Nobody, of course plan for downtime. But problems are inevitable, and if you don’t have a plan to fix them immediately and automatically, you will lose revenue if your services go down. High availability helps you plan for worst-case scenarios.
What is high availability?
High availability (HA) is the practice of keeping all server downtime to a minimum, ideally to zero. It includes many techniques, such as auto-scaling, real-time monitoring, and automated blue / green update implementations.
The core concept is quite simple: one server is not a server. Two servers are one server. The more redundancy you plan, the higher the availability of your service. Your service should not be interrupted even if one of your components goes up in flames.
This can be achieved with something as simple as an auto-scaling group, which cloud services like AWS support very well.
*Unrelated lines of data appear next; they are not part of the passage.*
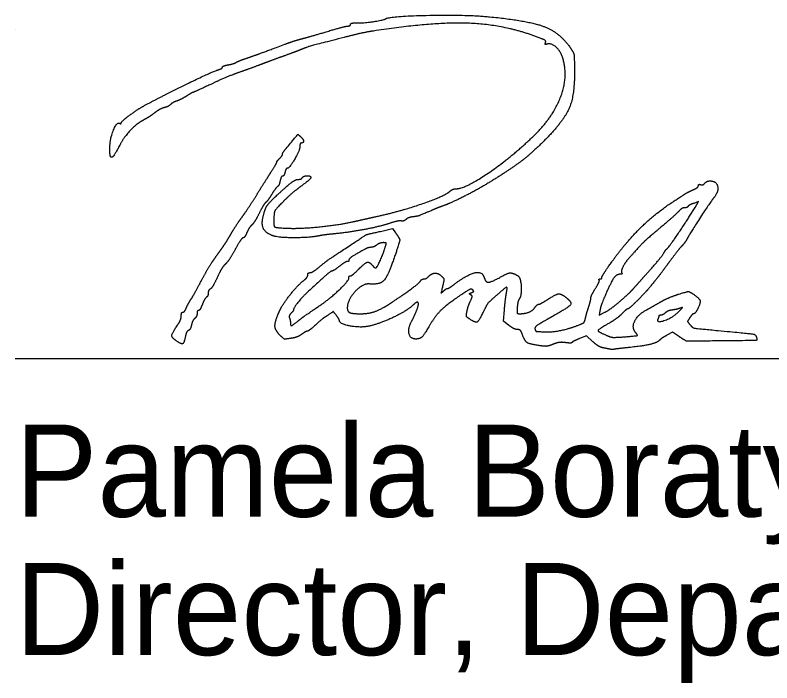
# Model space of a CAD drawing. Extents: x 0 to 48.6, y 0 to 22.
# Drawn here: x 24.528 to 25.676, y 7.305 to 8.318 of the extents above; entities that cross this region are included whole.
import ezdxf

# ---------------------------------------------------------------- set-up
doc = ezdxf.new("R2010")
doc.units = 0
for name, color, linetype in [('Default', 7, 'Continuous'), ('SH_Data', 7, 'Continuous'), ('SH_Text', 7, 'Continuous')]:
    doc.layers.add(name, color=color, linetype=linetype)

msp = doc.modelspace()

# ---------------------------------------------------------------- linework, layer by layer
at = {"layer": 'Default'}
for points in [[(25.5597, 8.0263), (25.5651, 8.0352), (25.5577, 8.0326)], [(25.0824, 7.9901), (25.1004, 7.9942), (25.1051, 7.988)], [(25.2773, 7.8473), (25.269, 7.8536), (25.2704, 7.8707)], [(25.4153, 7.8693), (25.4143, 7.8628), (25.4229, 7.8673)], [(25.5361, 7.83), (25.5255, 7.8368), (25.5171, 7.8323)], [(25.4043, 7.823), (25.3951, 7.8313), (25.3845, 7.8272)]]:
    msp.add_lwpolyline(points, dxfattribs=at)
for points in [[(25.0898, 8.3127), (25.0966, 8.3169), (25.2136, 8.3192), (25.248, 8.3158)], [(25.248, 8.3158), (25.3072, 8.31), (25.3548, 8.2917), (25.3706, 8.2686)], [(25.033, 8.3018), (25.0351, 8.3018), (25.0368, 8.3029), (25.0368, 8.3043)], [(25.0368, 8.3043), (25.0368, 8.3056), (25.0408, 8.3066), (25.0458, 8.3065)], [(25.0458, 8.3065), (25.0554, 8.3062), (25.0864, 8.3106), (25.0898, 8.3127)], [(25.3205, 8.285), (25.2699, 8.304), (25.1619, 8.308), (25.0716, 8.2942)], [(24.9612, 8.282), (24.9665, 8.2833), (24.9839, 8.2883), (25, 8.2931)], [(25, 8.2931), (25.0161, 8.2979), (25.031, 8.3018), (25.033, 8.3018)], [(25.0716, 8.2942), (25.0623, 8.2928), (25.0424, 8.2885), (25.0272, 8.2845)], [(24.9372, 8.2741), (24.9451, 8.2771), (24.9559, 8.2806), (24.9612, 8.282)], [(25.0272, 8.2845), (24.9762, 8.2714), (24.9719, 8.2701), (24.9612, 8.2658)], [(25.3328, 8.2764), (25.3338, 8.2789), (25.3303, 8.2813), (25.3205, 8.285)], [(24.8808, 8.2535), (24.8955, 8.2586), (24.9019, 8.261), (24.9372, 8.2741)], [(25.3352, 8.2743), (25.3326, 8.2733), (25.3319, 8.274), (25.3328, 8.2764)], [(25.3586, 8.2544), (25.3553, 8.2642), (25.3409, 8.2765), (25.3352, 8.2743)], [(24.9612, 8.2658), (24.9585, 8.2647), (24.9483, 8.2609), (24.9384, 8.2573)], [(25.3706, 8.2686), (25.3755, 8.2614), (25.3764, 8.257), (25.3768, 8.2392)], [(24.8514, 8.2429), (24.8563, 8.2438), (24.8615, 8.2454), (24.8628, 8.2464)], [(24.8628, 8.2464), (24.8641, 8.2473), (24.8722, 8.2506), (24.8808, 8.2535)], [(24.9384, 8.2573), (24.9285, 8.2537), (24.9134, 8.2481), (24.9048, 8.2449)], [(25.3131, 8.1332), (25.344, 8.1627), (25.3679, 8.2262), (25.3586, 8.2544)], [(24.7248, 8.1814), (24.755, 8.1976), (24.8286, 8.2333), (24.837, 8.2357)], [(24.837, 8.2357), (24.84, 8.2366), (24.8424, 8.2382), (24.8424, 8.2393)], [(24.8424, 8.2393), (24.8424, 8.2403), (24.8464, 8.242), (24.8514, 8.2429)], [(24.9048, 8.2449), (24.8962, 8.2416), (24.88, 8.2357), (24.8688, 8.2317)], [(25.3768, 8.2392), (25.3775, 8.1984), (25.3614, 8.1587), (25.332, 8.1288)], [(24.8688, 8.2317), (24.8576, 8.2278), (24.8372, 8.2192), (24.8236, 8.2127)], [(24.8236, 8.2127), (24.8099, 8.2063), (24.7983, 8.201), (24.7977, 8.201)], [(24.7977, 8.201), (24.7971, 8.201), (24.7927, 8.1984), (24.7877, 8.1953)], [(24.7877, 8.1953), (24.7828, 8.1922), (24.7761, 8.1888), (24.7729, 8.1878)], [(24.6888, 8.1547), (24.6888, 8.1569), (24.7142, 8.1757), (24.7248, 8.1814)], [(24.754, 8.1778), (24.7505, 8.1769), (24.7438, 8.1733), (24.7392, 8.1697)], [(24.7637, 8.1826), (24.7619, 8.1808), (24.7576, 8.1787), (24.754, 8.1778)], [(24.7729, 8.1878), (24.7697, 8.1868), (24.7655, 8.1844), (24.7637, 8.1826)], [(24.7392, 8.1697), (24.7346, 8.1661), (24.7274, 8.1615), (24.7233, 8.1594)], [(24.6716, 8.1169), (24.6717, 8.1301), (24.6823, 8.1567), (24.6865, 8.1541)], [(24.6865, 8.1541), (24.6877, 8.1533), (24.6888, 8.1536), (24.6888, 8.1547)], [(24.7233, 8.1594), (24.7129, 8.1541), (24.693, 8.1332), (24.6868, 8.1211)], [(24.939, 8.1158), (24.9575, 8.1379), (24.9568, 8.1374), (24.9609, 8.134)], [(24.9609, 8.134), (24.9652, 8.1304), (24.9661, 8.1242), (24.9624, 8.1242)], [(25.1964, 8.0546), (25.2105, 8.0546), (25.2786, 8.1005), (25.3131, 8.1332)], [(24.6868, 8.1211), (24.6801, 8.1082), (24.6748, 8.1013), (24.673, 8.1032)], [(24.9624, 8.1242), (24.9611, 8.1242), (24.96, 8.1219), (24.96, 8.1191)], [(25.332, 8.1288), (25.3134, 8.1099), (25.281, 8.085), (25.2505, 8.0662)], [(24.673, 8.1032), (24.6722, 8.104), (24.6716, 8.1101), (24.6716, 8.1169)], [(24.9336, 8.1072), (24.9336, 8.1084), (24.936, 8.1123), (24.939, 8.1158)], [(24.96, 8.1191), (24.96, 8.1135), (24.9441, 8.0858), (24.9409, 8.0858)], [(24.925, 8.0954), (24.9245, 8.0954), (24.9261, 8.0975), (24.9288, 8.1002)], [(24.9288, 8.1002), (24.9314, 8.1028), (24.9336, 8.1059), (24.9336, 8.1072)], [(24.916, 8.0797), (24.9216, 8.0883), (24.9256, 8.0954), (24.925, 8.0954)], [(24.9409, 8.0858), (24.9398, 8.0858), (24.9382, 8.0831), (24.9374, 8.0798)], [(24.894, 8.0447), (24.9006, 8.0553), (24.9105, 8.0711), (24.916, 8.0797)], [(24.9337, 8.0738), (24.9325, 8.0738), (24.9309, 8.0705), (24.93, 8.0666)], [(24.9374, 8.0798), (24.9366, 8.0765), (24.9349, 8.0738), (24.9337, 8.0738)], [(24.9636, 8.0714), (24.9654, 8.0743), (24.9768, 8.0746), (24.9768, 8.0717)], [(24.9252, 8.0448), (24.9409, 8.0594), (24.9536, 8.069), (24.9576, 8.069)], [(24.93, 8.0666), (24.9291, 8.0626), (24.9274, 8.0588), (24.9261, 8.058)], [(24.9576, 8.069), (24.9601, 8.069), (24.9628, 8.07), (24.9636, 8.0714)], [(24.9768, 8.0717), (24.9768, 8.0706), (24.97, 8.0647), (24.9618, 8.0586)], [(25.2505, 8.0662), (25.2313, 8.0543), (25.1901, 8.0333), (25.176, 8.0282)], [(25.5682, 8.061), (25.5701, 8.0602), (25.5729, 8.0612), (25.5745, 8.0631)], [(25.5745, 8.0631), (25.5761, 8.065), (25.5798, 8.0666), (25.5827, 8.0666)], [(25.5827, 8.0666), (25.5921, 8.0666), (25.5959, 8.0505), (25.5885, 8.0415)], [(24.9261, 8.058), (24.9248, 8.0572), (24.921, 8.0521), (24.9176, 8.0466)], [(24.9618, 8.0586), (24.9535, 8.0525), (24.941, 8.0416), (24.934, 8.0345)], [(25.0764, 8.0126), (25.1133, 8.0208), (25.1796, 8.0437), (25.1882, 8.0512)], [(25.1882, 8.0512), (25.1903, 8.0531), (25.1939, 8.0546), (25.1964, 8.0546)], [(25.528, 8.0362), (25.5469, 8.0484), (25.5488, 8.0495), (25.557, 8.0532)], [(25.557, 8.0532), (25.5613, 8.0551), (25.5648, 8.058), (25.5648, 8.0595)], [(25.5648, 8.0595), (25.5648, 8.061), (25.5663, 8.0617), (25.5682, 8.061)], [(24.8722, 8.0117), (24.8776, 8.0192), (24.8874, 8.034), (24.894, 8.0447)], [(24.9038, 8.0102), (24.9066, 8.0232), (24.9127, 8.0332), (24.9252, 8.0448)], [(24.9176, 8.0466), (24.9142, 8.0411), (24.9101, 8.0355), (24.9084, 8.0341)], [(25.5885, 8.0415), (25.5843, 8.0365), (25.5515, 7.9861), (25.5483, 7.9799)], [(24.9084, 8.0341), (24.9068, 8.0328), (24.9021, 8.0252), (24.8981, 8.0172)], [(24.934, 8.0345), (24.9233, 8.0235), (24.9211, 8.0199), (24.9206, 8.0116)], [(25.176, 8.0282), (25.1714, 8.0266), (25.1643, 8.0238), (25.1603, 8.022)], [(25.4334, 7.9437), (25.4556, 7.9745), (25.5007, 8.0185), (25.528, 8.0362)], [(25.549, 8.0279), (25.5483, 8.0267), (25.5459, 8.0258), (25.5437, 8.0258)], [(25.5577, 8.0326), (25.5537, 8.0312), (25.5498, 8.0291), (25.549, 8.0279)], [(24.8981, 8.0172), (24.8941, 8.0092), (24.889, 8.0012), (24.8868, 7.9994)], [(25.1603, 8.022), (25.1433, 8.0146), (25.1384, 8.0129), (25.1318, 8.0121)], [(25.5349, 8.0204), (25.5322, 8.0174), (25.5197, 8.0063), (25.5072, 7.9958)], [(25.5169, 7.9634), (25.5197, 7.9653), (25.5479, 8.0068), (25.5597, 8.0263)], [(25.5437, 8.0258), (25.5415, 8.0258), (25.5375, 8.0233), (25.5349, 8.0204)], [(24.8555, 7.9862), (24.8593, 7.9928), (24.8669, 8.0043), (24.8722, 8.0117)], [(24.9192, 7.9833), (24.9087, 7.9872), (24.9016, 7.9997), (24.9038, 8.0102)], [(24.9206, 8.0116), (24.9197, 7.9982), (24.9238, 7.9953), (24.9444, 7.9947)], [(24.9444, 7.9947), (24.9636, 7.9942), (25.0215, 8.0003), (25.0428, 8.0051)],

If a server has a problem, such as a sudden crash, the load balancer will detect that it is not responding. It can then direct traffic from the crashed server to the other servers in the cluster, and even start a new instance if it needs the capacity.
This redundant philosophy applies to all levels of your component hierarchy. For example, if you have a microservice to handle image processing of user-uploaded media, it wouldn̵
Sometimes you have to Guarantee availability for customers. If you guarantee 99.999% availability in a Service Level Agreement (SLA), this means that your service cannot be down for more than five minutes per year. This makes HA necessary for many large companies from the start.
For example, services like AWS S3 come with SLAs that guarantee 99.9999999% (nine 9 seconds) data redundancy. This basically means that all of your data is replicated in different regions, making it safe from everything except the giant meteor scenario affecting your data warehouse. Even then, with physical separation, it can be safe from small meteors, or at least safe from the much more realistic warehouse fire or power outage.
Components of good HA systems
What leads to a standstill? Barring force majeure, downtime is usually caused by human error or random failure.
Random failures cannot really be planned, but they can be planned with redundant systems. They can also be caught as they happen with good surveillance systems that can alert you to problems in your network.
Human errors can be planned. First of all, by minimizing the number of errors with careful testing environments. But everyone makes mistakes, even big companies, so you need to have a plan in place in case mistakes do occur.
Automatic scalability and redundancy
Auto-scaling is the process of automatically scaling the number of servers you have, usually during the day, to accommodate peak loads, but also in high stress situations.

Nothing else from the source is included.